[pd] hanning window + fft

[Chuckk Hubbard]

On 9/4/06, Kevin McCoy <km.takewithyou at gmail.com> wrote:
>
>
> > Has anyone made an example patch that explains this?  Something like a
> > simple FFT filter with switchable windows, so you can hear the difference?
>
>
>
> Actually anything (links, explanations, etc) that explains or details FFT as
> it relates to Pd would be great... the example patches are a bit cryptic, or
> sometimes jump a bit too quickly, at least for me.  I want to eventually
> generate visuals based on obtaining frequency data from sound, but I just
> couldn't get my mind around fft~, rfft~ etc. so I am going cheap using
> bandpass filters now which is not really what I wanted.  (Sidenote - does
> anyone know how other artists are accomplishing this?  I assumed they were
> using FFT)
>
> I know this is a fairly advanced topic but I'd really love to figure out how
> to make it work.

The explanation that did it best for me is in R.W. Hamming's 'Digital
Filters', a pretty dense book (not for beginners like me, but cross
referencing this book with Miller Puckette's-
http://www-crca.ucsd.edu/~msp/techniques.htm - helped me make sense of
some of it).
Hamming explains that, if you take any two harmonically related sines
or cosines, or one of each, or one of them and a zero-frequency
component, then multiply the two functions over a full period, it will
integrate to zero; meaning that the sums of all the positive values
minus the sums of the negative values is zero.  His explanation is
more accurate, but confusing nonetheless.  The only time the result
isn't zero is if you are multiplying a sine or cosine or a
zero-frequency part by itself at the same frequency.

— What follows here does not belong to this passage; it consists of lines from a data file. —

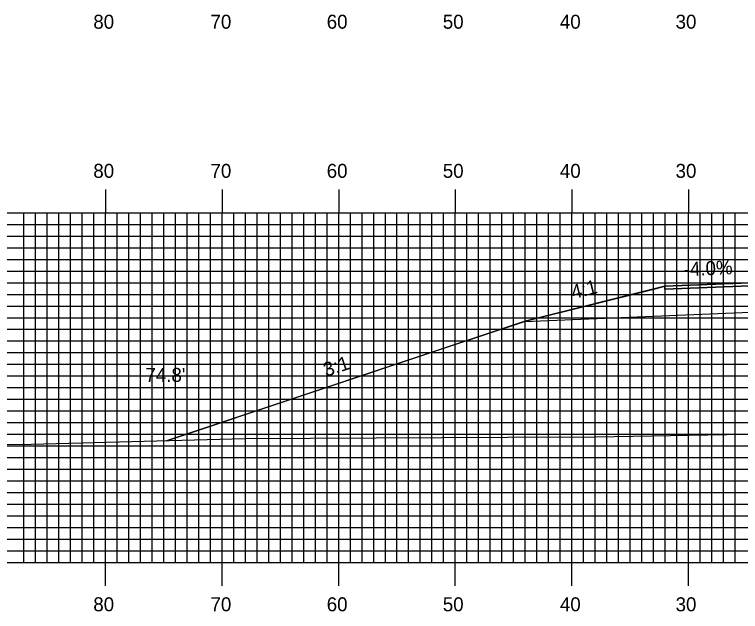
# Model space of a CAD drawing. Extents: x 1757462 to 1757806, y 442591 to 442811.
# Drawn here: x 1757540.3 to 1757602.6, y 442649.4 to 442700.7 of the extents above; entities that cross this region are included whole.
import ezdxf

# ---------------------------------------------------------------- set-up
doc = ezdxf.new("R2010")
doc.units = 0
for name, color, linetype in [('ANNOTATION', 7, 'Continuous'), ('D_Roadway_Centerline', 7, 'Continuous'), ('D_Roadway_Edge_Shoulder', 7, 'Continuous'), ('D_Roadway_SlopeLines', 7, 'Continuous'), ('D_Roadway_SubGrade', 7, 'Continuous'), ('D_Text_Standard', 7, 'Continuous'), ('H_V ANNOTATION', 7, 'Continuous'), ('MAJOR', 7, 'Continuous'), ('MINOR', 7, 'Continuous'), ('S_Roadway_Centerline', 7, 'Continuous')]:
    doc.layers.add(name, color=color, linetype=linetype)

msp = doc.modelspace()

# ---------------------------------------------------------------- linework, layer by layer
at = {"layer": 'D_Roadway_Centerline'}
msp.add_lwpolyline([(1757553.341, 442664.105), (1757577.567, 442672.184), (1757584.046, 442674.345), (1757584.056, 442674.348), (1757584.094, 442674.357), (1757595.268, 442677.152), (1757596.094, 442677.358), (1757604.094, 442677.678), (1757616.109, 442678.177), (1757628.109, 442678.417), (1757640.109, 442678.177), (1757648.109, 442677.857), (1757658.283, 442675.313), (1757660.109, 442674.857), (1757688.68, 442665.333)], dxfattribs=at)
at = {"layer": 'D_Roadway_Edge_Shoulder'}
msp.add_lwpolyline([(1757604.094, 442677.678), (1757596.094, 442677.358), (1757596.094, 442677.108), (1757604.094, 442677.428)], close=True, dxfattribs=at)
at = {"layer": 'D_Roadway_SlopeLines'}
msp.add_lwpolyline([(1757596.094, 442677.358), (1757584.094, 442674.357), (1757553.341, 442664.105)], dxfattribs=at)
at = {"layer": 'D_Roadway_SubGrade'}
msp.add_lwpolyline([(1757604.094, 442677.012), (1757604.094, 442677.428), (1757596.094, 442677.108), (1757596.094, 442677.358), (1757584.046, 442674.345), (1757604.094, 442675.178)], close=True, dxfattribs=at)
at = {"layer": 'MAJOR'}
for p, q in [((1757548.109, 442685.669), (1757548.109, 442683.665)), ((1757558.109, 442685.669), (1757558.109, 442683.665)), ((1757568.109, 442685.669), (1757568.109, 442683.665)), ((1757578.109, 442685.669), (1757578.109, 442683.665)), ((1757588.109, 442685.669), (1757588.109, 442683.665)), ((1757598.109, 442685.669), (1757598.109, 442683.665)), ((1757488.109, 442683.665), (1757768.109, 442683.665)), ((1757488.109, 442683.665), (1757768.109, 442683.665)), ((1757548.109, 442653.665), (1757548.109, 442683.665)), ((1757558.109, 442653.665), (1757558.109, 442683.665)), ((1757568.109, 442653.665), (1757568.109, 442683.665)), ((1757578.109, 442653.665), (1757578.109, 442683.665)), ((1757588.109, 442653.665), (1757588.109, 442683.665)), ((1757598.109, 442653.665), (1757598.109, 442683.665)), ((1757488.109, 442678.665), (1757768.109, 442678.665)), ((1757488.109, 442673.665), (1757768.109, 442673.665)), ((1757488.109, 442668.665), (1757768.109, 442668.665)), ((1757488.109, 442663.665), (1757768.109, 442663.665)), ((1757488.109, 442658.665), (1757768.109, 442658.665)), ((1757488.109, 442653.665), (1757768.109, 442653.665)), ((1757488.109, 442653.665), (1757768.109, 442653.665)), ((1757548.109, 442651.661), (1757548.109, 442653.665)), ((1757558.109, 442651.661), (1757558.109, 442653.665)), ((1757568.109, 442651.661), (1757568.109, 442653.665)), ((1757578.109, 442651.661), (1757578.109, 442653.665)), ((1757588.109, 442651.661), (1757588.109, 442653.665)), ((1757598.109, 442651.661), (1757598.109, 442653.665))]:
    msp.add_line(p, q, dxfattribs=at)
at = {"layer": 'MINOR'}
for p, q in [((1757541.109, 442653.665), (1757541.109, 442683.665)), ((1757542.109, 442653.665), (1757542.109, 442683.665)), ((1757543.109, 442653.665), (1757543.109, 442683.665)), ((1757544.109, 442653.665), (1757544.109, 442683.665)), ((1757545.109, 442653.665), (1757545.109, 442683.665)), ((1757546.109, 442653.665), (1757546.109, 442683.665)), ((1757547.109, 442653.665), (1757547.109, 442683.665)), ((1757549.109, 442653.665), (1757549.109, 442683.665)), ((1757550.109, 442653.665), (1757550.109, 442683.665)), ((1757551.109, 442653.665), (1757551.109, 442683.665)), ((1757552.109, 442653.665), (1757552.109, 442683.665)), ((1757553.109, 442653.665), (1757553.109, 442683.665)), ((1757554.109, 442653.665), (1757554.109, 442683.665)), ((1757555.109, 442653.665), (1757555.109, 442683.665)), ((1757556.109, 442653.665), (1757556.109, 442683.665)), ((1757557.109, 442653.665), (1757557.109, 442683.665)), ((1757559.109, 442653.665), (1757559.109, 442683.665)), ((1757560.109, 442653.665), (1757560.109, 442683.665)), ((1757561.109, 442653.665), (1757561.109, 442683.665)), ((1757562.109, 442653.665), (1757562.109, 442683.665)), ((1757563.109, 442653.665), (1757563.109, 442683.665)), ((1757564.109, 442653.665), (1757564.109, 442683.665)), ((1757565.109, 442653.665), (1757565.109, 442683.665)), ((1757566.109, 442653.665), (1757566.109, 442683.665)), ((1757567.109, 442653.665), (1757567.109, 442683.665)), ((1757569.109, 442653.665), (1757569.109, 442683.665)), ((1757570.109, 442653.665), (1757570.109, 442683.665)), ((1757571.109, 442653.665), (1757571.109, 442683.665)), ((1757572.109, 442653.665), (1757572.109, 442683.665)), ((1757573.109, 442653.665), (1757573.109, 442683.665)), ((1757574.109, 442653.665), (1757574.109, 442683.665)), ((1757575.109, 442653.665), (1757575.109, 442683.665)), ((1757576.109, 442653.665), (1757576.109, 442683.665)), ((1757577.109, 442653.665), (1757577.109, 442683.665)), ((1757579.109, 442653.665), (1757579.109, 442683.665)), ((1757580.109, 442653.665), (1757580.109, 442683.665)), ((1757581.109, 442653.665), (1757581.109, 442683.665)), ((1757582.109, 442653.665), (1757582.109, 442683.665)), ((1757583.109, 442653.665), (1757583.109, 442683.665)), ((1757584.109, 442653.665), (1757584.109, 442683.665)), ((1757585.109, 442653.665), (1757585.109, 442683.665)), ((1757586.109, 442653.665), (1757586.109, 442683.665)), ((1757587.109, 442653.665), (1757587.109, 442683.665)), ((1757589.109, 442653.665), (1757589.109, 442683.665)), ((1757590.109, 442653.665), (1757590.109, 442683.665)), ((1757591.109, 442653.665), (1757591.109, 442683.665)), ((1757592.109, 442653.665), (1757592.109, 442683.665)), ((1757593.109, 442653.665), (1757593.109, 442683.665)), ((1757594.109, 442653.665), (1757594.109, 442683.665)), ((1757595.109, 442653.665), (1757595.109, 442683.665)), ((1757596.109, 442653.665), (1757596.109, 442683.665)), ((1757597.109, 442653.665), (1757597.109, 442683.665)), ((1757599.109, 442653.665), (1757599.109, 442683.665)), ((1757600.109, 442653.665), (1757600.109, 442683.665)), ((1757601.109, 442653.665), (1757601.109, 442683.665)), ((1757602.109, 442653.665), (1757602.109, 442683.665)), ((1757488.109, 442682.665), (1757768.109, 442682.665)), ((1757488.109, 442681.665), (1757768.109, 442681.665)), ((1757488.109, 442680.665), (1757768.109, 442680.665)), ((1757488.109, 442679.665), (1757768.109, 442679.665)), ((1757488.109, 442677.665), (1757768.109, 442677.665)), ((1757488.109, 442676.665), (1757768.109, 442676.665)), ((1757488.109, 442675.665), (1757768.109, 442675.665)), ((1757488.109, 442674.665), (1757768.109, 442674.665)), ((1757488.109, 442672.665), (1757768.109, 442672.665)), ((1757488.109, 442671.665), (1757768.109, 442671.665)), ((1757488.109, 442670.665), (1757768.109, 442670.665)), ((1757488.109, 442669.665), (1757768.109, 442669.665)), ((1757488.109, 442667.665), (1757768.109, 442667.665)), ((1757488.109, 442666.665), (1757768.109, 442666.665)), ((1757488.109, 442665.665), (1757768.109, 442665.665)), ((1757488.109, 442664.665), (1757768.109, 442664.665)), ((1757488.109, 442662.665), (1757768.109, 442662.665)), ((1757488.109, 442661.665), (1757768.109, 442661.665)), ((1757488.109, 442660.665), (1757768.109, 442660.665)), ((1757488.109, 442659.665), (1757768.109, 442659.665)), ((1757488.109, 442657.665), (1757768.109, 442657.665)), ((1757488.109, 442656.665), (1757768.109, 442656.665)), ((1757488.109, 442655.665), (1757768.109, 442655.665)), ((1757488.109, 442654.665), (1757768.109, 442654.665))]:
    msp.add_line(p, q, dxfattribs=at)
at = {"layer": 'S_Roadway_Centerline'}
msp.add_lwpolyline([(1757488.109, 442663.533), (1757499.205, 442663.855), (1757499.477, 442663.857), (1757499.832, 442663.849), (1757508.301, 442663.607), (1757541.719, 442663.795), (1757560.058, 442664.284), (1757582.586, 442664.419), (1757590.13, 442664.451), (1757623.89, 442665.047), (1757628.777, 442665.069), (1757633.54, 442665.217), (1757663.804, 442665.294), (1757670.706, 442665.59), (1757685.162, 442665.374), (1757688.209, 442665.318), (1757699.07, 442665.671)], dxfattribs=at)

# ---------------------------------------------------------------- texts
at = {"layer": 'ANNOTATION'}
for s, rotation, p in [('-4.0%', 2.29421, (1757597.725, 442678.225)), ('4:1', 14.03954, (1757588.216, 442676.25)), ('3:1', 18.44464, (1757567.032, 442669.579))]:
    msp.add_text(s, height=1.2, rotation=rotation, dxfattribs=at).set_placement(p)
at = {"layer": 'D_Text_Standard'}
msp.add_text("74.8'", height=1.2, dxfattribs=at).set_placement((1757551.53, 442669.147))
at = {"layer": 'H_V ANNOTATION'}
for s, p in [('80', (1757547.06, 442699.465)), ('70', (1757557.113, 442699.465)), ('60', (1757567.081, 442699.465)), ('50', (1757577.038, 442699.465)), ('40', (1757587.081, 442699.465)), ('30', (1757597.006, 442699.465)), ('80', (1757547.06, 442686.665)), ('70', (1757557.113, 442686.665)), ('60', (1757567.081, 442686.665)), ('50', (1757577.038, 442686.665)), ('40', (1757587.081, 442686.665)), ('30', (1757597.006, 442686.665)), ('80', (1757547.06, 442649.465)), ('70', (1757557.113, 442649.465)), ('60', (1757567.081, 442649.465)), ('50', (1757577.038, 442649.465)), ('40', (1757587.081, 442649.465)), ('30', (1757597.006, 442649.465))]:
    msp.add_text(s, height=1.2, dxfattribs=at).set_placement(p)

doc.saveas('drawing.dxf')

This means that, since any function is theoretically the sum of an
infinite number of sines and cosines, if you multiply either a sine or
a cosine of a certain frequency by any function, the integral of the
result will be exactly zero for every harmonically related frequency
except the one you multiplied by, so the integral of this product
tells you how strong the particular sine or cosine is in the total.

I'm probably leaving out a lot, and I might be downright wrong about
something.  But having some sort of intuitive understanding seems to
be the only way I can use any tool without feeling like it's magic.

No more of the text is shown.